▸ REQUIRED WORK
Write only the number of lines in the data that contain the word "IfcRelVoidsElement".

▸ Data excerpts
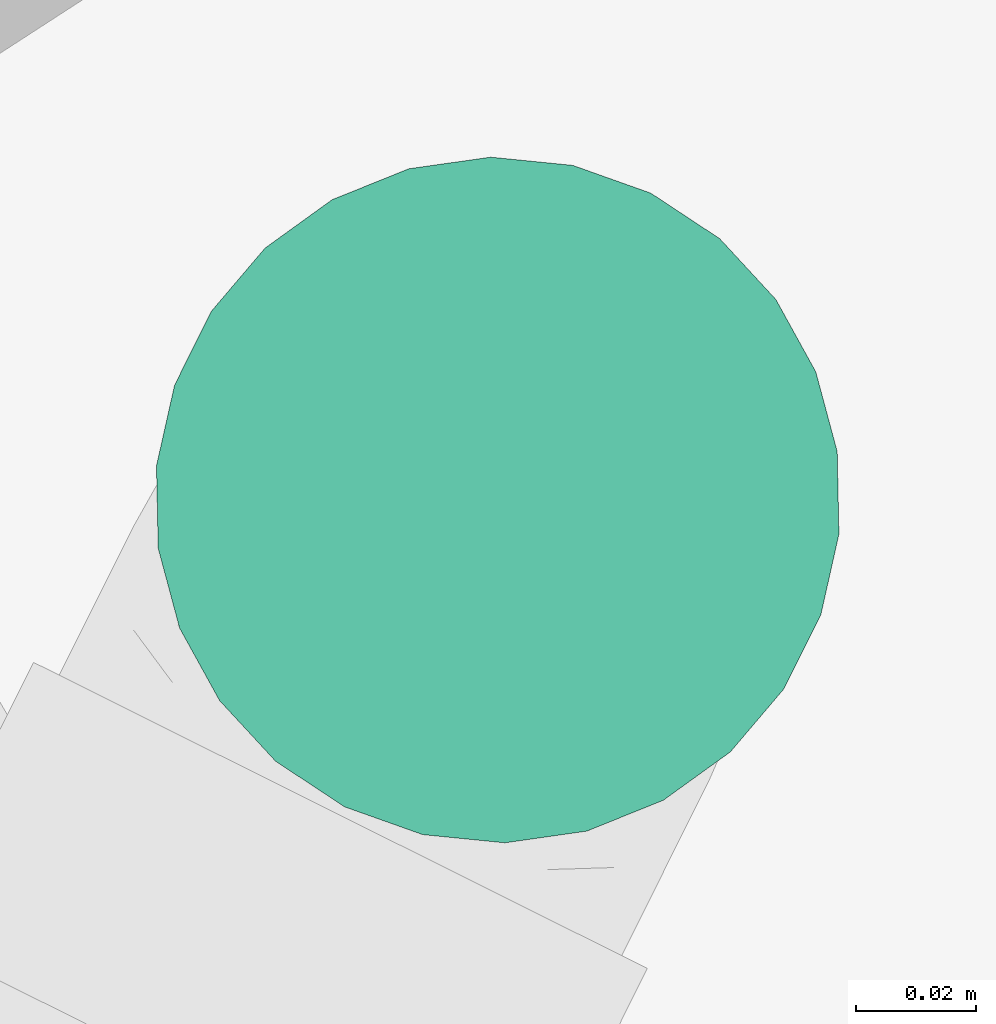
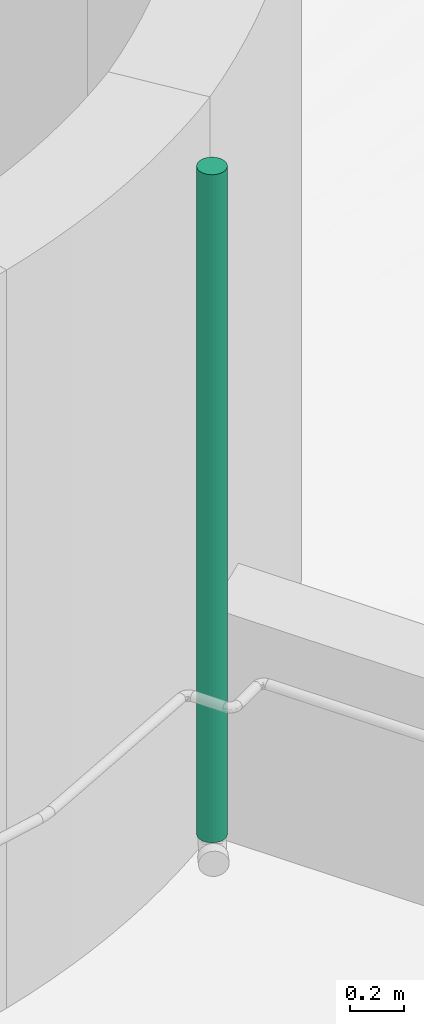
# One storey, part 15 of 34: 1 flow segment.
"""IFC2X3 building model written with IfcOpenShell, lengths in metres."""

import ifcopenshell
import ifcopenshell.guid

model = None  # the IFC model being written
_history = None  # IfcOwnerHistory: only IFC2X3 demands one
_inside = {}  # id of a spatial element -> (the spatial element, [elements in it])
_under = {}  # id of a project, library or spatial element -> (it, [spatial elements below it])
_declared = {}  # id of a project -> (the project, [libraries it declares])
_typed = {}  # id of a type object -> (the type object, [elements of that type])
_made_of = {}  # id of a material, layer set ... -> (it, [elements and type objects made of it])


def new_model(schema):
    """Start an empty IFC model of exactly this schema.

    Asked for "IFC4X3", IfcOpenShell would pick the latest addendum, in which some entities
    have other attributes; the version numbers below select the first issue.
    IFC2X3 requires an IfcOwnerHistory on every rooted entity: one is made here for all.
    """
    global model, _history
    if schema == "IFC4X3":
        model = ifcopenshell.file(schema_version=(4, 3, 0, 0))
    else:
        model = ifcopenshell.file(schema=schema)
    _inside.clear()
    _under.clear()
    _declared.clear()
    _typed.clear()
    _made_of.clear()
    _history = None
    if model.schema == "IFC2X3":
        org = make("IfcOrganization", Name="unknown")
        user = make(
            "IfcPersonAndOrganization",
            ThePerson=make("IfcPerson", FamilyName="unknown"),
            TheOrganization=org,
        )
        app = make(
            "IfcApplication",
            ApplicationDeveloper=org,
            Version="unknown",
            ApplicationFullName="unknown",
            ApplicationIdentifier="unknown",
        )
        _history = make(
            "IfcOwnerHistory",
            OwningUser=user,
            OwningApplication=app,
            ChangeAction="ADDED",
            CreationDate=0,
        )
    return model


def make(cls, **values):
    """One entity of the class cls with the attributes given. An attribute that is None is left unset."""
    return model.create_entity(
        cls, **{name: value for name, value in values.items() if value is not None}
    )


def entity(cls, *values):
    """Any entity or typed value of the class cls, its attributes in the order of the schema. None: left unset."""
    e = model.create_entity(cls)
    for i, value in enumerate(values):
        if value is not None:
            e[i] = value
    return e


def rooted(cls, **values):
    """An entity with a GlobalId (a new one), such as an element, a storey or a relation."""
    return make(cls, GlobalId=ifcopenshell.guid.new(), OwnerHistory=_history, **values)


def si_unit(unit_type, name, prefix=None):
    """IfcSIUnit, for example si_unit("LENGTHUNIT", "METRE", prefix="MILLI")."""
    return make("IfcSIUnit", UnitType=unit_type, Prefix=prefix, Name=name)


def converted_unit(unit_type, name, factor, base, dimensions=None, offset=None):
    """IfcConversionBasedUnit, such as the inch: factor (a typed value) times the base unit."""
    return make(
        "IfcConversionBasedUnit"
        if offset is None
        else "IfcConversionBasedUnitWithOffset",
        ConversionOffset=offset,
        Dimensions=None
        if dimensions is None
        else entity("IfcDimensionalExponents", *dimensions),
        UnitType=unit_type,
        Name=name,
        ConversionFactor=make(
            "IfcMeasureWithUnit", ValueComponent=factor, UnitComponent=base
        ),
    )


def derived_unit(unit_type, elements):
    """IfcDerivedUnit: a product of units, each with its exponent."""
    return make(
        "IfcDerivedUnit",
        Elements=[
            make("IfcDerivedUnitElement", Unit=unit, Exponent=power)
            for unit, power in elements
        ],
        UnitType=unit_type,
    )


def assignment(units):
    """IfcUnitAssignment: the units of a project."""
    return None if units is None else make("IfcUnitAssignment", Units=units)


def point(xyz):
    """IfcCartesianPoint."""
    return None if xyz is None else make("IfcCartesianPoint", Coordinates=xyz)


def direction(xyz):
    """IfcDirection."""
    return None if xyz is None else make("IfcDirection", DirectionRatios=xyz)


def frame(location, z_axis=None, x_axis=None):
    """IfcAxis2Placement3D, a coordinate frame: its origin and axes. An axis left out is left unset."""
    return make(
        "IfcAxis2Placement3D",
        Location=point(location),
        Axis=direction(z_axis),
        RefDirection=direction(x_axis),
    )


def frame_2d(location, x_axis=None):
    """IfcAxis2Placement2D, a coordinate frame in the plane: its origin and x axis."""
    return make(
        "IfcAxis2Placement2D", Location=point(location), RefDirection=direction(x_axis)
    )


def origin():
    """The frame at (0, 0, 0) with its axes left unset."""
    return frame((0.0, 0.0, 0.0))


def origin_2d_with_axis():
    """The frame at (0, 0) in the plane with the x axis (1, 0) written out."""
    return frame_2d((0.0, 0.0), x_axis=(1.0, 0.0))


def place(relative_to, where):
    """IfcLocalPlacement: puts the frame where relative to a parent placement (None: the world)."""
    return make(
        "IfcLocalPlacement", PlacementRelTo=relative_to, RelativePlacement=where
    )


def context(
    kind, dimensions, precision=None, world=None, true_north=None, identifier=None
):
    """IfcGeometricRepresentationContext, for example the 3D "Model" context."""
    return make(
        "IfcGeometricRepresentationContext",
        ContextIdentifier=identifier,
        ContextType=kind,
        CoordinateSpaceDimension=dimensions,
        Precision=precision,
        WorldCoordinateSystem=world,
        TrueNorth=true_north,
    )


def subcontext(parent, identifier, kind, view, scale=None):
    """IfcGeometricRepresentationSubContext, for example "Body" below "Model"."""
    return make(
        "IfcGeometricRepresentationSubContext",
        ContextIdentifier=identifier,
        ContextType=kind,
        ParentContext=parent,
        TargetScale=scale,
        TargetView=view,
    )


def project(units=None, contexts=None):
    """IfcProject with its units and contexts."""
    return rooted(
        "IfcProject",
        Name="project",
        RepresentationContexts=contexts,
        UnitsInContext=assignment(units),
    )


def spatial(cls, under=None, at=None, **own):
    """A site, building, storey or space (cls), placed at a placement, below another one or the project."""
    s = rooted(cls, ObjectPlacement=at, **own)
    if under is not None:
        _under.setdefault(under.id(), (under, []))[1].append(s)
    return s


def profile(cls, at=None, kind="AREA", **sizes):
    """A parametric profile (cls). Its sizes go by their IFC names, for example OverallWidth=200.0."""
    return make(cls, ProfileType=kind, Position=at, **sizes)


def circle(**sizes):
    """IfcCircleProfileDef."""
    return profile("IfcCircleProfileDef", **sizes)


def extrude(swept, where, along, depth):
    """IfcExtrudedAreaSolid: the profile swept, set in the frame where, extruded along a direction by depth."""
    return make(
        "IfcExtrudedAreaSolid",
        SweptArea=swept,
        Position=where,
        ExtrudedDirection=direction(along),
        Depth=depth,
    )


def shape(context_of_items, identifier, shape_type, items):
    """IfcShapeRepresentation: the items that make up one representation, for example the "Body"."""
    return make(
        "IfcShapeRepresentation",
        ContextOfItems=context_of_items,
        RepresentationIdentifier=identifier,
        RepresentationType=shape_type,
        Items=items,
    )


def made_of(thing, what):
    """Note that an element or type object is made of a material, layer set ...; save() writes the relation."""
    if what is not None:
        _made_of.setdefault(what.id(), (what, []))[1].append(thing)
    return thing


def type_object(cls, material=None, **own):
    """A type object (cls), such as IfcWallType, which elements share."""
    return made_of(rooted(cls, **own), material)


def element(
    cls,
    number,
    at=None,
    inside=None,
    cuts=None,
    type_object=None,
    material=None,
    context=None,
    identifier="Body",
    shape_type=None,
    held_by="IfcProductDefinitionShape",
    body=None,
    shapes=None,
    **own,
):
    """One element of the class cls, such as IfcWall. Its Tag is "e" and its number.

    at: its placement. inside: the storey or other place that contains it. cuts: it is an
    opening in that element (IfcRelVoidsElement). A single representation is given by context,
    identifier, shape_type and body (its items); several are given by shapes. held_by: the class
    of the entity that holds the representations. save() writes the other relations.
    """
    e = rooted(cls, Tag="e%d" % number, ObjectPlacement=at, **own)
    if body is not None:
        shapes = [shape(context, identifier, shape_type, body)]
    if shapes is not None:
        e.Representation = make(held_by, Representations=shapes)
    if inside is not None:
        _inside.setdefault(inside.id(), (inside, []))[1].append(e)
    if cuts is not None:
        rooted(
            "IfcRelVoidsElement", RelatingBuildingElement=cuts, RelatedOpeningElement=e
        )
    if type_object is not None:
        _typed.setdefault(type_object.id(), (type_object, []))[1].append(e)
    return made_of(e, material)


def aggregate(whole, parts):
    """IfcRelAggregates: a whole, such as a stair, and the parts it consists of."""
    return rooted("IfcRelAggregates", RelatingObject=whole, RelatedObjects=parts)


def save(model, path):
    """Write the relations noted so far, then the file.

    IfcRelAggregates (storeys below a building ...), IfcRelContainedInSpatialStructure (elements
    in a storey), IfcRelDefinesByType, IfcRelAssociatesMaterial and IfcRelDeclares: one each for
    every whole, place, type object, material and project.
    """
    for whole, parts in _under.values():
        aggregate(whole, parts)
    for where, things in _inside.values():
        rooted(
            "IfcRelContainedInSpatialStructure",
            RelatedElements=things,
            RelatingStructure=where,
        )
    for kind, things in _typed.values():
        rooted("IfcRelDefinesByType", RelatedObjects=things, RelatingType=kind)
    for what, things in _made_of.values():
        rooted("IfcRelAssociatesMaterial", RelatedObjects=things, RelatingMaterial=what)
    for by, libraries in _declared.values():
        rooted("IfcRelDeclares", RelatingContext=by, RelatedDefinitions=libraries)
    model.write(path)


model = new_model("IFC2X3")

# Units and contexts
model_context = context("Model", 3, precision=1e-05, world=origin(), true_north=direction((0.894925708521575, 0.446215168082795)))
context_of_model = context(None, 3, precision=1e-05, world=origin(), true_north=direction((0.894925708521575, 0.446215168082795)))
body_context = subcontext(model_context, "Body", "Model", "MODEL_VIEW")
ifc_project = project(units=[si_unit("LENGTHUNIT", "METRE"), si_unit("AREAUNIT", "SQUARE_METRE"), si_unit("VOLUMEUNIT", "CUBIC_METRE"), converted_unit("PLANEANGLEUNIT", "DEGREE", entity("IfcRatioMeasure", 0.0174532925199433), si_unit("PLANEANGLEUNIT", "RADIAN"), dimensions=[0, 0, 0, 0, 0, 0, 0]), si_unit("MASSUNIT", "GRAM", prefix="KILO"), si_unit("TIMEUNIT", "SECOND"), si_unit("FREQUENCYUNIT", "HERTZ"), si_unit("THERMODYNAMICTEMPERATUREUNIT", "DEGREE_CELSIUS"), derived_unit("THERMALTRANSMITTANCEUNIT", [(si_unit("MASSUNIT", "GRAM", prefix="KILO"), 1), (si_unit("THERMODYNAMICTEMPERATUREUNIT", "KELVIN"), -1), (si_unit("TIMEUNIT", "SECOND"), -3)]), derived_unit("VOLUMETRICFLOWRATEUNIT", [(si_unit("LENGTHUNIT", "METRE"), 3), (si_unit("TIMEUNIT", "SECOND"), -1)]), si_unit("ELECTRICCURRENTUNIT", "AMPERE"), si_unit("ELECTRICVOLTAGEUNIT", "VOLT"), si_unit("POWERUNIT", "WATT"), si_unit("FORCEUNIT", "NEWTON", prefix="KILO"), si_unit("ILLUMINANCEUNIT", "LUX"), si_unit("LUMINOUSFLUXUNIT", "LUMEN"), si_unit("LUMINOUSINTENSITYUNIT", "CANDELA"), si_unit("PRESSUREUNIT", "PASCAL")], contexts=[model_context, context_of_model])

# Site, building, storey
site_placement = place(None, frame((218.228324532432, 584.720189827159, 0.0), z_axis=(0.0, 0.0, 1.0), x_axis=(0.446215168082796, 0.894925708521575, 0.0)))
site = spatial("IfcSite", under=ifc_project, at=site_placement, Name="Default", CompositionType="ELEMENT")
building_placement = place(site_placement, origin())
building = spatial("IfcBuilding", under=site, at=building_placement, CompositionType="ELEMENT")
storey_placement = place(building_placement, frame((0.0, 0.0, 8.61)))
storey = spatial("IfcBuildingStorey", under=building, at=storey_placement, Name="2 - Piano Secondo", CompositionType="ELEMENT", Elevation=8.61)

# Flow segment
pipe_segment_type = type_object("IfcPipeSegmentType", Name="Tubazione:Pluviale-Tubazione Inox", PredefinedType="NOTDEFINED")
flow_segment_placement = place(storey_placement, frame((68.8699536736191, -7.8714897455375, 0.165887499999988)))
element("IfcFlowSegment", 1, at=flow_segment_placement, inside=storey, type_object=pipe_segment_type, Name="Tubazione:Pluviale-Tubazione Inox", ObjectType="Tubazione:Pluviale-Tubazione Inox", context=body_context, shape_type="SweptSolid", body=[
    extrude(circle(Radius=0.05715, at=origin_2d_with_axis()), frame((0.0587452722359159, 0.0587452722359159, 0.0)), (0.0, 0.0, 1.0), 3.02252500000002),
])

save(model, "model.ifc")

▸ SOLUTION TO THE EXERCISE
2